WORK REQUIRED: Copy each line below that has "planar".

MATERIAL SUPPLIED:
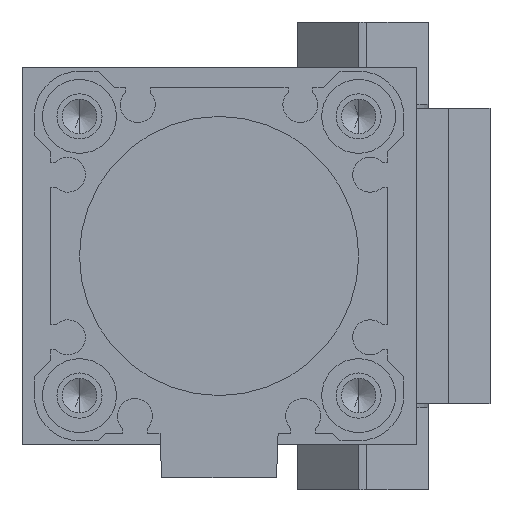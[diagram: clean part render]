
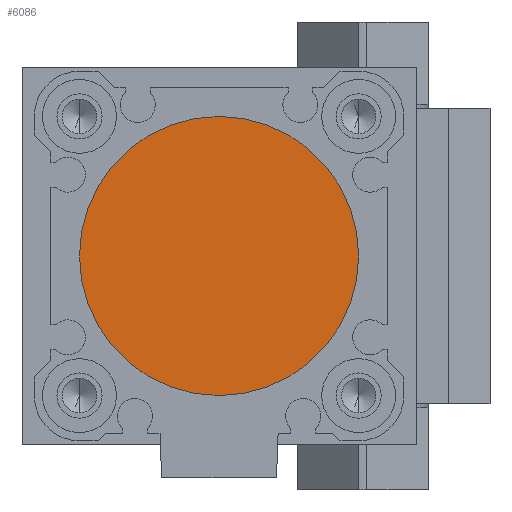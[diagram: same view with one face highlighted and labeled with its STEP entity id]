
A CAD part, front view. The second image highlights one B-rep face of the part: STEP entity #6086.
In plain terms, the highlighted planar face has unit normal (0, -1, 0) as drawn and (1, 0, 0) by its records, which use the part's own axes.
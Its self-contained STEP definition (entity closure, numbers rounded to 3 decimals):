
#55 = CIRCLE ( 'NONE', #430, 17. ) ;
#363 = AXIS2_PLACEMENT_3D ( 'NONE', #2832, #2833, #2834 ) ;
#430 = AXIS2_PLACEMENT_3D ( 'NONE', #1776, #1777, #1778 ) ;
#1078 = ORIENTED_EDGE ( 'NONE', *, *, #5782, .T. ) ;
#1079 = ORIENTED_EDGE ( 'NONE', *, *, #3345, .T. ) ;
#1336 = CARTESIAN_POINT ( 'NONE',  ( 56., 0., 17. ) ) ;
#1349 = CARTESIAN_POINT ( 'NONE',  ( 56., 0., -17. ) ) ;
#1776 = CARTESIAN_POINT ( 'NONE',  ( 56., 0., 0. ) ) ;
#1777 = DIRECTION ( 'NONE',  ( 1., 0., 0. ) ) ;
#1778 = DIRECTION ( 'NONE',  ( 0., 0., -1. ) ) ;
#2832 = CARTESIAN_POINT ( 'NONE',  ( 56., 0., 0. ) ) ;
#2833 = DIRECTION ( 'NONE',  ( 1., 0., 0. ) ) ;
#2834 = DIRECTION ( 'NONE',  ( 0., 0., -1. ) ) ;
#3345 = EDGE_CURVE ( 'NONE', #6560, #6573, #4594, .T. ) ;
#3846 = FACE_OUTER_BOUND ( 'NONE', #4083, .T. ) ;
#4083 = EDGE_LOOP ( 'NONE', ( #1078, #1079 ) ) ;
#4190 = CARTESIAN_POINT ( 'NONE',  ( 56., 0., 0. ) ) ;
#4192 = PLANE ( 'NONE',  #5867 ) ;
#4195 = DIRECTION ( 'NONE',  ( 1., 0., 0. ) ) ;
#4196 = DIRECTION ( 'NONE',  ( 0., 0., -1. ) ) ;
#4594 = CIRCLE ( 'NONE', #363, 17. ) ;
#5782 = EDGE_CURVE ( 'NONE', #6573, #6560, #55, .T. ) ;
#5867 = AXIS2_PLACEMENT_3D ( 'NONE', #4190, #4195, #4196 ) ;
#6086 = ADVANCED_FACE ( 'NONE', ( #3846 ), #4192, .T. ) ;
#6560 = VERTEX_POINT ( 'NONE', #1336 ) ;
#6573 = VERTEX_POINT ( 'NONE', #1349 ) ;
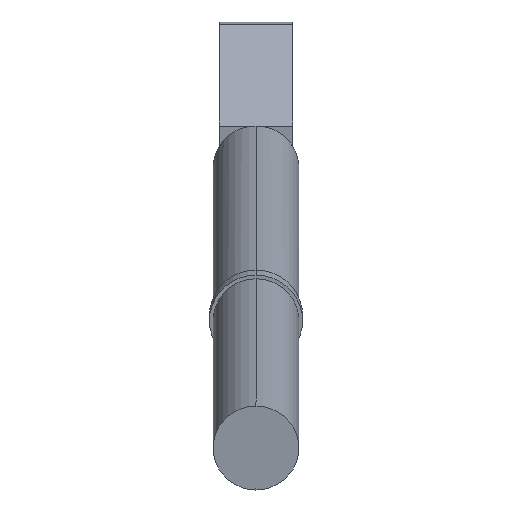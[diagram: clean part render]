
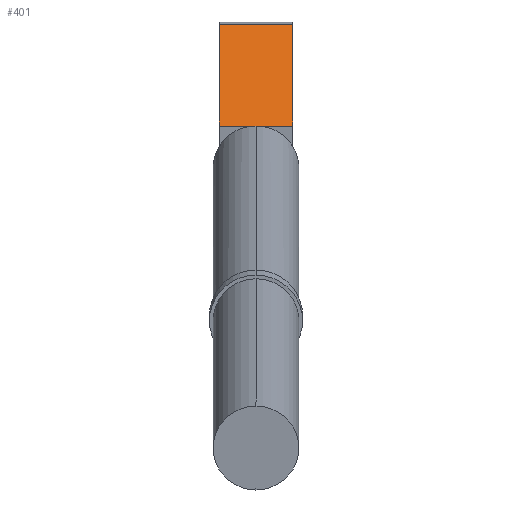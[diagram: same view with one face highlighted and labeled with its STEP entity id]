
A CAD part, left-side view. The second image highlights one B-rep face of the part: STEP entity #401.
In plain terms, the highlighted planar face has unit normal (-0.551, 0, 0.835).
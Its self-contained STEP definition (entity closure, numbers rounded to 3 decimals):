
#6 = DIRECTION ( 'NONE',  ( 0.551, 0., -0.835 ) ) ;
#8 = LINE ( 'NONE', #317, #627 ) ;
#14 = CARTESIAN_POINT ( 'NONE',  ( 312.361, 62., 752.42 ) ) ;
#27 = DIRECTION ( 'NONE',  ( 0., -1., 0. ) ) ;
#31 = LINE ( 'NONE', #516, #490 ) ;
#53 = PLANE ( 'NONE',  #355 ) ;
#72 = DIRECTION ( 'NONE',  ( 0., -1., 0. ) ) ;
#74 = VERTEX_POINT ( 'NONE', #676 ) ;
#98 = LINE ( 'NONE', #673, #383 ) ;
#113 = VERTEX_POINT ( 'NONE', #172 ) ;
#119 = VERTEX_POINT ( 'NONE', #542 ) ;
#122 = LINE ( 'NONE', #537, #460 ) ;
#131 = LINE ( 'NONE', #193, #286 ) ;
#152 = VERTEX_POINT ( 'NONE', #14 ) ;
#172 = CARTESIAN_POINT ( 'NONE',  ( 249.592, 62., 710.992 ) ) ;
#193 = CARTESIAN_POINT ( 'NONE',  ( 312.361, 62., 752.42 ) ) ;
#224 = CARTESIAN_POINT ( 'NONE',  ( 312.361, 32., 752.42 ) ) ;
#240 = EDGE_CURVE ( 'NONE', #74, #715, #31, .T. ) ;
#260 = ORIENTED_EDGE ( 'NONE', *, *, #465, .F. ) ;
#286 = VECTOR ( 'NONE', #72, 1000. ) ;
#292 = DIRECTION ( 'NONE',  ( -0.835, 0., -0.551 ) ) ;
#317 = CARTESIAN_POINT ( 'NONE',  ( 249.592, 62., 710.992 ) ) ;
#355 = AXIS2_PLACEMENT_3D ( 'NONE', #410, #6, #292 ) ;
#370 = ORIENTED_EDGE ( 'NONE', *, *, #378, .F. ) ;
#378 = EDGE_CURVE ( 'NONE', #113, #152, #98, .T. ) ;
#383 = VECTOR ( 'NONE', #617, 1000. ) ;
#401 = ADVANCED_FACE ( 'NONE', ( #751 ), #53, .F. ) ;
#403 = EDGE_CURVE ( 'NONE', #113, #119, #122, .T. ) ;
#410 = CARTESIAN_POINT ( 'NONE',  ( 312.361, 62., 752.42 ) ) ;
#411 = ORIENTED_EDGE ( 'NONE', *, *, #240, .T. ) ;
#460 = VECTOR ( 'NONE', #598, 1000. ) ;
#465 = EDGE_CURVE ( 'NONE', #152, #715, #131, .T. ) ;
#490 = VECTOR ( 'NONE', #623, 1000. ) ;
#511 = ORIENTED_EDGE ( 'NONE', *, *, #683, .T. ) ;
#516 = CARTESIAN_POINT ( 'NONE',  ( 249.592, 32., 710.992 ) ) ;
#537 = CARTESIAN_POINT ( 'NONE',  ( 249.592, 62., 710.992 ) ) ;
#542 = CARTESIAN_POINT ( 'NONE',  ( 249.592, 47., 710.992 ) ) ;
#598 = DIRECTION ( 'NONE',  ( 0., -1., 0. ) ) ;
#617 = DIRECTION ( 'NONE',  ( 0.835, 0., 0.551 ) ) ;
#623 = DIRECTION ( 'NONE',  ( 0.835, 0., 0.551 ) ) ;
#627 = VECTOR ( 'NONE', #27, 1000. ) ;
#673 = CARTESIAN_POINT ( 'NONE',  ( 249.592, 62., 710.992 ) ) ;
#676 = CARTESIAN_POINT ( 'NONE',  ( 249.592, 32., 710.992 ) ) ;
#683 = EDGE_CURVE ( 'NONE', #119, #74, #8, .T. ) ;
#692 = ORIENTED_EDGE ( 'NONE', *, *, #403, .T. ) ;
#715 = VERTEX_POINT ( 'NONE', #224 ) ;
#741 = EDGE_LOOP ( 'NONE', ( #260, #370, #692, #511, #411 ) ) ;
#751 = FACE_OUTER_BOUND ( 'NONE', #741, .T. ) ;

WRITTEN SOLUTION:
In plain terms, the highlighted planar face has unit normal (0, -1, 0) as drawn and (1, 0, 0) by its records, which use the part's own axes.
In plain terms, the highlighted planar face has unit normal (-0.551, 0, 0.835).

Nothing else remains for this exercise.